(RepublicanJournal.org) – Senator Mitt Romney (R-UT) has had a long and varied career in US politics. Over the last 20 years he’s been governor of Massachusetts, run for president twice and, since 2019, he’s represented Utah in the US Senate. Now he’s decided he’s done enough; he won’t be seeking re-election next year and, at 76 years old, he thinks it’s time to step back, let a new generation of politicians take over, and enjoy his retirement. And he’s invited President Joe Biden to join him.
A Mixed Political Career
Willard Mitt Romney was born in Detroit, Michigan, on March 12, 1947, and grew up in the affluent suburb of Bloomfield Hills. He was educated at a private Mormon prep school, then Stanford University. After graduating, he spent 30 months in France as a missionary for the Church of the Latter-Day Saints. He went on to gain a law degree from Harvard then went into business consulting.
Romney first got involved in politics in 1994, when he ran an unsuccessful campaign as a Massachusetts candidate for the US Senate. After losing he told his brother, “I never want to run for something again unless I can win.”
In 2002, he found something he could win and was elected as governor of Massachusetts, a post he held until 2007. The next year he ran for the Republican presidential nomination, losing to John McCain, who in turn lost the election to Barack Obama. Romney next ran for Utah’s vacant Senate seat in 2018, replacing Senator Orrin Hatch (R-UT). In the Senate, he made a name as a moderate Republican and opponent of former president Donald Trump.

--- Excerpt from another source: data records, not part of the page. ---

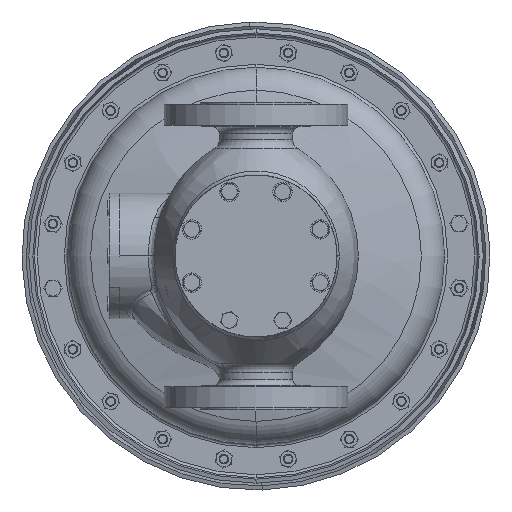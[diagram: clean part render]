
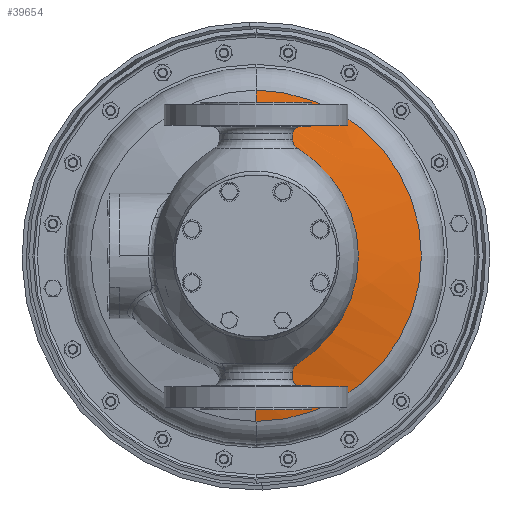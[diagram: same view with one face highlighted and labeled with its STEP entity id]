
A CAD part, front view. The second image highlights one B-rep face of the part: STEP entity #39654.
In plain terms, the highlighted spherical face has radius 553.5 mm.
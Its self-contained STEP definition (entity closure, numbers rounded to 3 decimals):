
#2181=CARTESIAN_POINT('',(0.,157.524,0.));
#2182=DIRECTION('',(0.,1.,0.));
#2183=DIRECTION('',(0.,0.,1.));
#2184=AXIS2_PLACEMENT_3D('',#2181,#2182,#2183);
#2768=CARTESIAN_POINT('',(0.,163.501,106.45));
#2769=CARTESIAN_POINT('',(0.379,163.501,106.45));
#2770=CARTESIAN_POINT('',(1.139,163.511,106.495));
#2771=CARTESIAN_POINT('',(2.262,163.555,106.698));
#2772=CARTESIAN_POINT('',(3.355,163.626,107.034));
#2773=CARTESIAN_POINT('',(4.402,163.726,107.499));
#2774=CARTESIAN_POINT('',(5.389,163.851,108.088));
#2775=CARTESIAN_POINT('',(6.301,164.002,108.793));
#2776=CARTESIAN_POINT('',(7.124,164.176,109.605));
#2777=CARTESIAN_POINT('',(7.845,164.37,110.513));
#2778=CARTESIAN_POINT('',(8.453,164.582,111.505));
#2779=CARTESIAN_POINT('',(8.937,164.809,112.567));
#2780=CARTESIAN_POINT('',(9.289,165.048,113.682));
#2781=CARTESIAN_POINT('',(9.503,165.295,114.833));
#2782=CARTESIAN_POINT('',(9.574,165.545,116.003));
#2783=CARTESIAN_POINT('',(9.502,165.796,117.173));
#2784=CARTESIAN_POINT('',(9.288,166.043,118.324));
#2785=CARTESIAN_POINT('',(8.935,166.283,119.439));
#2786=CARTESIAN_POINT('',(8.45,166.51,120.5));
#2787=CARTESIAN_POINT('',(7.842,166.723,121.492));
#2788=CARTESIAN_POINT('',(7.12,166.919,122.4));
#2789=CARTESIAN_POINT('',(6.296,167.093,123.211));
#2790=CARTESIAN_POINT('',(5.384,167.244,123.916));
#2791=CARTESIAN_POINT('',(4.397,167.371,124.503));
#2792=CARTESIAN_POINT('',(3.349,167.471,124.968));
#2793=CARTESIAN_POINT('',(2.256,167.543,125.303));
#2794=CARTESIAN_POINT('',(1.136,167.586,125.505));
#2795=CARTESIAN_POINT('',(0.378,167.596,125.55));
#2796=CARTESIAN_POINT('',(0.,167.596,125.55));
#2830=CARTESIAN_POINT('',(0.,163.501,106.45));
#2836=CARTESIAN_POINT('',(0.,706.669,0.));
#2837=DIRECTION('',(1.,0.,0.));
#2838=DIRECTION('',(0.,-0.981,0.192));
#2839=AXIS2_PLACEMENT_3D('',#2836,#2837,#2838);
#2841=CARTESIAN_POINT('',(0.,706.669,0.));
#2842=DIRECTION('',(1.,0.,0.));
#2843=DIRECTION('',(0.,-0.969,0.247));
#2844=AXIS2_PLACEMENT_3D('',#2841,#2842,#2843);
#2846=CARTESIAN_POINT('',(0.,170.341,0.));
#2847=DIRECTION('',(0.,-1.,0.));
#2848=DIRECTION('',(0.,0.,-1.));
#2849=AXIS2_PLACEMENT_3D('',#2846,#2847,#2848);
#2851=CARTESIAN_POINT('',(0.,706.669,0.));
#2852=DIRECTION('',(1.,0.,0.));
#2853=DIRECTION('',(0.,-0.992,-0.125));
#2854=AXIS2_PLACEMENT_3D('',#2851,#2852,#2853);
#30591=CARTESIAN_POINT('',(0.,157.524,
69.301));
#30593=VERTEX_POINT('',#30591);
#30594=CARTESIAN_POINT('',(0.,157.524,-69.301));
#30596=VERTEX_POINT('',#30594);
#30598=CARTESIAN_POINT('',(0.,170.341,136.803));
#30599=CARTESIAN_POINT('',(0.,167.596,125.55));
#30600=VERTEX_POINT('',#30598);
#30601=VERTEX_POINT('',#30599);
#30602=VERTEX_POINT('',#2830);
#30603=CARTESIAN_POINT('',(0.,170.341,
-136.803));
#30604=VERTEX_POINT('',#30603);
#39641=CARTESIAN_POINT('',(0.,706.669,0.));
#39642=DIRECTION('',(0.,-0.974,0.227));
#39643=DIRECTION('',(0.,0.227,0.974));
#39644=AXIS2_PLACEMENT_3D('',#39641,#39642,#39643);
#39645=SPHERICAL_SURFACE('',#39644,553.5);
#39646=ORIENTED_EDGE('',*,*,#38931,.F.);
#39647=ORIENTED_EDGE('',*,*,#38962,.F.);
#39648=ORIENTED_EDGE('',*,*,#39622,.T.);
#39649=ORIENTED_EDGE('',*,*,#38958,.F.);
#39650=ORIENTED_EDGE('',*,*,#38994,.F.);
#39651=ORIENTED_EDGE('',*,*,#38965,.F.);
#39652=EDGE_LOOP('',(#39646,#39647,#39648,#39649,#39650,#39651));
#39653=FACE_OUTER_BOUND('',#39652,.F.);
#39654=ADVANCED_FACE('',(#39653),#39645,.T.);
#2185=CIRCLE('',#2184,69.301);
#2797=B_SPLINE_CURVE_WITH_KNOTS('',3,(#2768,#2769,#2770,#2771,#2772,#2773,#2774,
#2775,#2776,#2777,#2778,#2779,#2780,#2781,#2782,#2783,#2784,#2785,#2786,#2787,
#2788,#2789,#2790,#2791,#2792,#2793,#2794,#2795,#2796),.UNSPECIFIED.,.F.,.F.,(4,
1,1,1,1,1,1,1,1,1,1,1,1,1,1,1,1,1,1,1,1,1,1,1,1,1,4),(0.,0.038,
0.077,0.115,0.154,0.192,
0.231,0.269,0.308,0.346,
0.385,0.423,0.462,0.5,0.538,
0.577,0.615,0.654,0.692,
0.731,0.769,0.808,0.846,
0.885,0.923,0.962,1.),.UNSPECIFIED.);
#2840=CIRCLE('',#2839,553.5);
#2845=CIRCLE('',#2844,553.5);
#2850=CIRCLE('',#2849,136.803);
#2855=CIRCLE('',#2854,553.5);
#38931=EDGE_CURVE('',#30593,#30596,#2185,.T.);
#38958=EDGE_CURVE('',#30600,#30601,#2845,.T.);
#38962=EDGE_CURVE('',#30602,#30593,#2840,.T.);
#38965=EDGE_CURVE('',#30596,#30604,#2855,.T.);
#38994=EDGE_CURVE('',#30604,#30600,#2850,.T.);
#39622=EDGE_CURVE('',#30602,#30601,#2797,.T.);

On September 13, Romney announced that his current political post will be his last; when his Senate term expires he’ll be standing down, instead of seeking re-election next November. In a statement he said that if he served another term he’d be in his mid-80s by the end of it, adding “Frankly, it’s time for a new generation of leaders.” He also blasted both likely candidates in next year’s presidential race for failing to confront the challenges the US faces — “mounting national debt, climate change, and the ambitious authoritarians of Russia and China.”
Romney’s decision to retire, and his open admission that it’s because of his age, come at a tense time. There’s a growing call for term limits on federal politicians; Senate Minority Leader Mitch McConnell (R-KY) has had a series of alarming public malfunctions recently, and the Democrats have only just managed to persuade 90-year-old Senator Dianne Feinstein (D-CA) to step down next year. Then, of course, there’s President Biden, who is declining visibly and had to be cut off by his own press secretary after an embarrassing speech in Hanoi on September 10.
Talking to reporters on September 13, Romney called on Biden and Trump to “stand aside and let their respective party pick someone in the next generation.” He then recalled Biden’s words from his election campaign, when the president described himself as a “transitional figure” who would hand over to the next generation. Romney challenged Biden to live up to his promise, telling him “Well, time to transition.” If the much younger (and mentally more competent) Romney thinks it’s time to retire, perhaps Biden will finally get the message too.